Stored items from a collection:

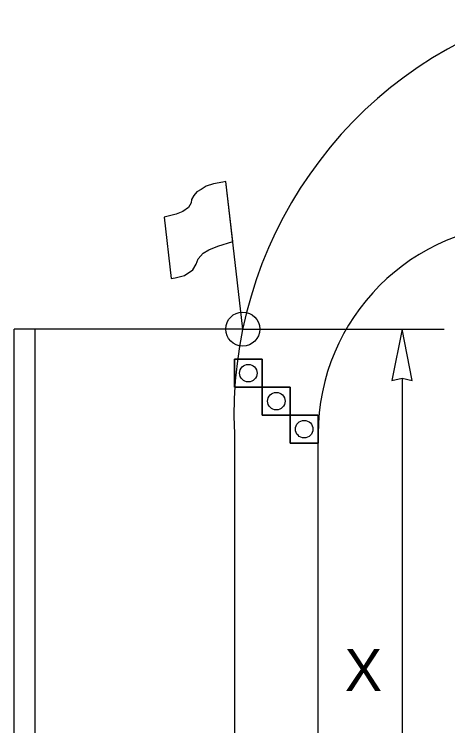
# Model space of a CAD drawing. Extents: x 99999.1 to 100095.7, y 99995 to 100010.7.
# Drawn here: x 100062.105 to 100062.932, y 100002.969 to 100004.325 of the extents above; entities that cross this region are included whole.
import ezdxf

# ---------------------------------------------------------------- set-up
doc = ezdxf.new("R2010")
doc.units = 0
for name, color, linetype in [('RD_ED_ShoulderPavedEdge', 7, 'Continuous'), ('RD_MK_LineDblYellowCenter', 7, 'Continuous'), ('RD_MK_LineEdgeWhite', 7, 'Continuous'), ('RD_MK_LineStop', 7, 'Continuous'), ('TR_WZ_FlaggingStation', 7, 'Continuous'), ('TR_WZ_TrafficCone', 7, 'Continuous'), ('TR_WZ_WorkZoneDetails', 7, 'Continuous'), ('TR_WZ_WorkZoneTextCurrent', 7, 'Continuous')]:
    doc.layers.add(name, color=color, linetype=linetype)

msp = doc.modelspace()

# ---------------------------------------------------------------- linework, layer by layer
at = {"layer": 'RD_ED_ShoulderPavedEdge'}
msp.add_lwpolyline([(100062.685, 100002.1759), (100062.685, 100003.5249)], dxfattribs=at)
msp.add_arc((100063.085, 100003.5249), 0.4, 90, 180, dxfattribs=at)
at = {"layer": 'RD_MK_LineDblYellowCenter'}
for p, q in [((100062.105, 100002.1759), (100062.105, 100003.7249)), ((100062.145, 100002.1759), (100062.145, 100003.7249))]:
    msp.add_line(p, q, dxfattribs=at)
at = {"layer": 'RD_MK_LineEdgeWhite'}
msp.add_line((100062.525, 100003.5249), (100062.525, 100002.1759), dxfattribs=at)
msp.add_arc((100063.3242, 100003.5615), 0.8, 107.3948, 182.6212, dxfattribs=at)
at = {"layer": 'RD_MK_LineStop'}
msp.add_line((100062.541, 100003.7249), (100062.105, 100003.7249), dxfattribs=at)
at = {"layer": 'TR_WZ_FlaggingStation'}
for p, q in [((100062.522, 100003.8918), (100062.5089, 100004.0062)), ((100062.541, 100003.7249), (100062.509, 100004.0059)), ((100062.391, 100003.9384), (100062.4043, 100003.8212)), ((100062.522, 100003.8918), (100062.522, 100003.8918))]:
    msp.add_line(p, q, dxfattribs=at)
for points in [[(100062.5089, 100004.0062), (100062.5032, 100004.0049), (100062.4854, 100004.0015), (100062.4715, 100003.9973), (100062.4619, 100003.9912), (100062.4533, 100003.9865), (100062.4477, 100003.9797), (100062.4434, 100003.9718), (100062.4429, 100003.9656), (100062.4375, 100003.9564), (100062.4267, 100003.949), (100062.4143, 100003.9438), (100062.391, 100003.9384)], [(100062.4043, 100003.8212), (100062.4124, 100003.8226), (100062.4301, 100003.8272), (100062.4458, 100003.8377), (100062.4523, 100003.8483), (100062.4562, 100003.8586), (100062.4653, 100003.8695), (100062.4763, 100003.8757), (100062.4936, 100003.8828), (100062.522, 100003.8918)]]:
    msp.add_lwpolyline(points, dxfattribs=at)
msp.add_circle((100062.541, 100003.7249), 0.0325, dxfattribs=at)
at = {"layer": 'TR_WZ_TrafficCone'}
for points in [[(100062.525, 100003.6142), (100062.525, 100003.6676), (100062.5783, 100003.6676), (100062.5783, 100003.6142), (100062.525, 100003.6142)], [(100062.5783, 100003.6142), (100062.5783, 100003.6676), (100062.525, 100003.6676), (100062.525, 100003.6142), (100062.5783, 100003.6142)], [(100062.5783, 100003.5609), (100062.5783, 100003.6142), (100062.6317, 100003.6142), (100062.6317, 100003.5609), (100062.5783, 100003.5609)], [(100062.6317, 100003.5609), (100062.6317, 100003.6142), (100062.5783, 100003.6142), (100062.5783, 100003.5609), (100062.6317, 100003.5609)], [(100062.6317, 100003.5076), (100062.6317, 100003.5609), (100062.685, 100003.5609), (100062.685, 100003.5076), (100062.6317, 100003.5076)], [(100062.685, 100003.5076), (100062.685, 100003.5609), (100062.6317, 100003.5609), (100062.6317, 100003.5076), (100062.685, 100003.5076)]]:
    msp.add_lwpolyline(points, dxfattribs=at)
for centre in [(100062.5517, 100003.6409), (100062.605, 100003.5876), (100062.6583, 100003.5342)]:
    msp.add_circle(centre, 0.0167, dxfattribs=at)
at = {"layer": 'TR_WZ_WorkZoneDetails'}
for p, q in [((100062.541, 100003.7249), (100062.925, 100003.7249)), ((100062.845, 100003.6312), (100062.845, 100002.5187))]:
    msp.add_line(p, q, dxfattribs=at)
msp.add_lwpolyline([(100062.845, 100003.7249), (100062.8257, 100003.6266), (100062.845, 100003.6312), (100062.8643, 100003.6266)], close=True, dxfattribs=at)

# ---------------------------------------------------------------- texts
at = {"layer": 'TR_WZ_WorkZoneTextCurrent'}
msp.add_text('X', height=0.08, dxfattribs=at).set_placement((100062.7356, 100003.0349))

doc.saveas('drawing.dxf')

● What you should do
Write every line above out again exactly; pictures do not belong in the copy.

● Output of the task
# Model space of a CAD drawing. Extents: x 99999.1 to 100095.7, y 99995 to 100010.7.
# Drawn here: x 100062.105 to 100062.932, y 100002.969 to 100004.325 of the extents above; entities that cross this region are included whole.
import ezdxf

# ---------------------------------------------------------------- set-up
doc = ezdxf.new("R2010")
doc.units = 0
for name, color, linetype in [('RD_ED_ShoulderPavedEdge', 7, 'Continuous'), ('RD_MK_LineDblYellowCenter', 7, 'Continuous'), ('RD_MK_LineEdgeWhite', 7, 'Continuous'), ('RD_MK_LineStop', 7, 'Continuous'), ('TR_WZ_FlaggingStation', 7, 'Continuous'), ('TR_WZ_TrafficCone', 7, 'Continuous'), ('TR_WZ_WorkZoneDetails', 7, 'Continuous'), ('TR_WZ_WorkZoneTextCurrent', 7, 'Continuous')]:
    doc.layers.add(name, color=color, linetype=linetype)

msp = doc.modelspace()

# ---------------------------------------------------------------- linework, layer by layer
at = {"layer": 'RD_ED_ShoulderPavedEdge'}
msp.add_lwpolyline([(100062.685, 100002.1759), (100062.685, 100003.5249)], dxfattribs=at)
msp.add_arc((100063.085, 100003.5249), 0.4, 90, 180, dxfattribs=at)
at = {"layer": 'RD_MK_LineDblYellowCenter'}
for p, q in [((100062.105, 100002.1759), (100062.105, 100003.7249)), ((100062.145, 100002.1759), (100062.145, 100003.7249))]:
    msp.add_line(p, q, dxfattribs=at)
at = {"layer": 'RD_MK_LineEdgeWhite'}
msp.add_line((100062.525, 100003.5249), (100062.525, 100002.1759), dxfattribs=at)
msp.add_arc((100063.3242, 100003.5615), 0.8, 107.3948, 182.6212, dxfattribs=at)
at = {"layer": 'RD_MK_LineStop'}
msp.add_line((100062.541, 100003.7249), (100062.105, 100003.7249), dxfattribs=at)
at = {"layer": 'TR_WZ_FlaggingStation'}
for p, q in [((100062.522, 100003.8918), (100062.5089, 100004.0062)), ((100062.541, 100003.7249), (100062.509, 100004.0059)), ((100062.391, 100003.9384), (100062.4043, 100003.8212)), ((100062.522, 100003.8918), (100062.522, 100003.8918))]:
    msp.add_line(p, q, dxfattribs=at)
for points in [[(100062.5089, 100004.0062), (100062.5032, 100004.0049), (100062.4854, 100004.0015), (100062.4715, 100003.9973), (100062.4619, 100003.9912), (100062.4533, 100003.9865), (100062.4477, 100003.9797), (100062.4434, 100003.9718), (100062.4429, 100003.9656), (100062.4375, 100003.9564), (100062.4267, 100003.949), (100062.4143, 100003.9438), (100062.391, 100003.9384)], [(100062.4043, 100003.8212), (100062.4124, 100003.8226), (100062.4301, 100003.8272), (100062.4458, 100003.8377), (100062.4523, 100003.8483), (100062.4562, 100003.8586), (100062.4653, 100003.8695), (100062.4763, 100003.8757), (100062.4936, 100003.8828), (100062.522, 100003.8918)]]:
    msp.add_lwpolyline(points, dxfattribs=at)
msp.add_circle((100062.541, 100003.7249), 0.0325, dxfattribs=at)
at = {"layer": 'TR_WZ_TrafficCone'}
for points in [[(100062.525, 100003.6142), (100062.525, 100003.6676), (100062.5783, 100003.6676), (100062.5783, 100003.6142), (100062.525, 100003.6142)], [(100062.5783, 100003.6142), (100062.5783, 100003.6676), (100062.525, 100003.6676), (100062.525, 100003.6142), (100062.5783, 100003.6142)], [(100062.5783, 100003.5609), (100062.5783, 100003.6142), (100062.6317, 100003.6142), (100062.6317, 100003.5609), (100062.5783, 100003.5609)], [(100062.6317, 100003.5609), (100062.6317, 100003.6142), (100062.5783, 100003.6142), (100062.5783, 100003.5609), (100062.6317, 100003.5609)], [(100062.6317, 100003.5076), (100062.6317, 100003.5609), (100062.685, 100003.5609), (100062.685, 100003.5076), (100062.6317, 100003.5076)], [(100062.685, 100003.5076), (100062.685, 100003.5609), (100062.6317, 100003.5609), (100062.6317, 100003.5076), (100062.685, 100003.5076)]]:
    msp.add_lwpolyline(points, dxfattribs=at)
for centre in [(100062.5517, 100003.6409), (100062.605, 100003.5876), (100062.6583, 100003.5342)]:
    msp.add_circle(centre, 0.0167, dxfattribs=at)
at = {"layer": 'TR_WZ_WorkZoneDetails'}
for p, q in [((100062.541, 100003.7249), (100062.925, 100003.7249)), ((100062.845, 100003.6312), (100062.845, 100002.5187))]:
    msp.add_line(p, q, dxfattribs=at)
msp.add_lwpolyline([(100062.845, 100003.7249), (100062.8257, 100003.6266), (100062.845, 100003.6312), (100062.8643, 100003.6266)], close=True, dxfattribs=at)

# ---------------------------------------------------------------- texts
at = {"layer": 'TR_WZ_WorkZoneTextCurrent'}
msp.add_text('X', height=0.08, dxfattribs=at).set_placement((100062.7356, 100003.0349))

doc.saveas('drawing.dxf')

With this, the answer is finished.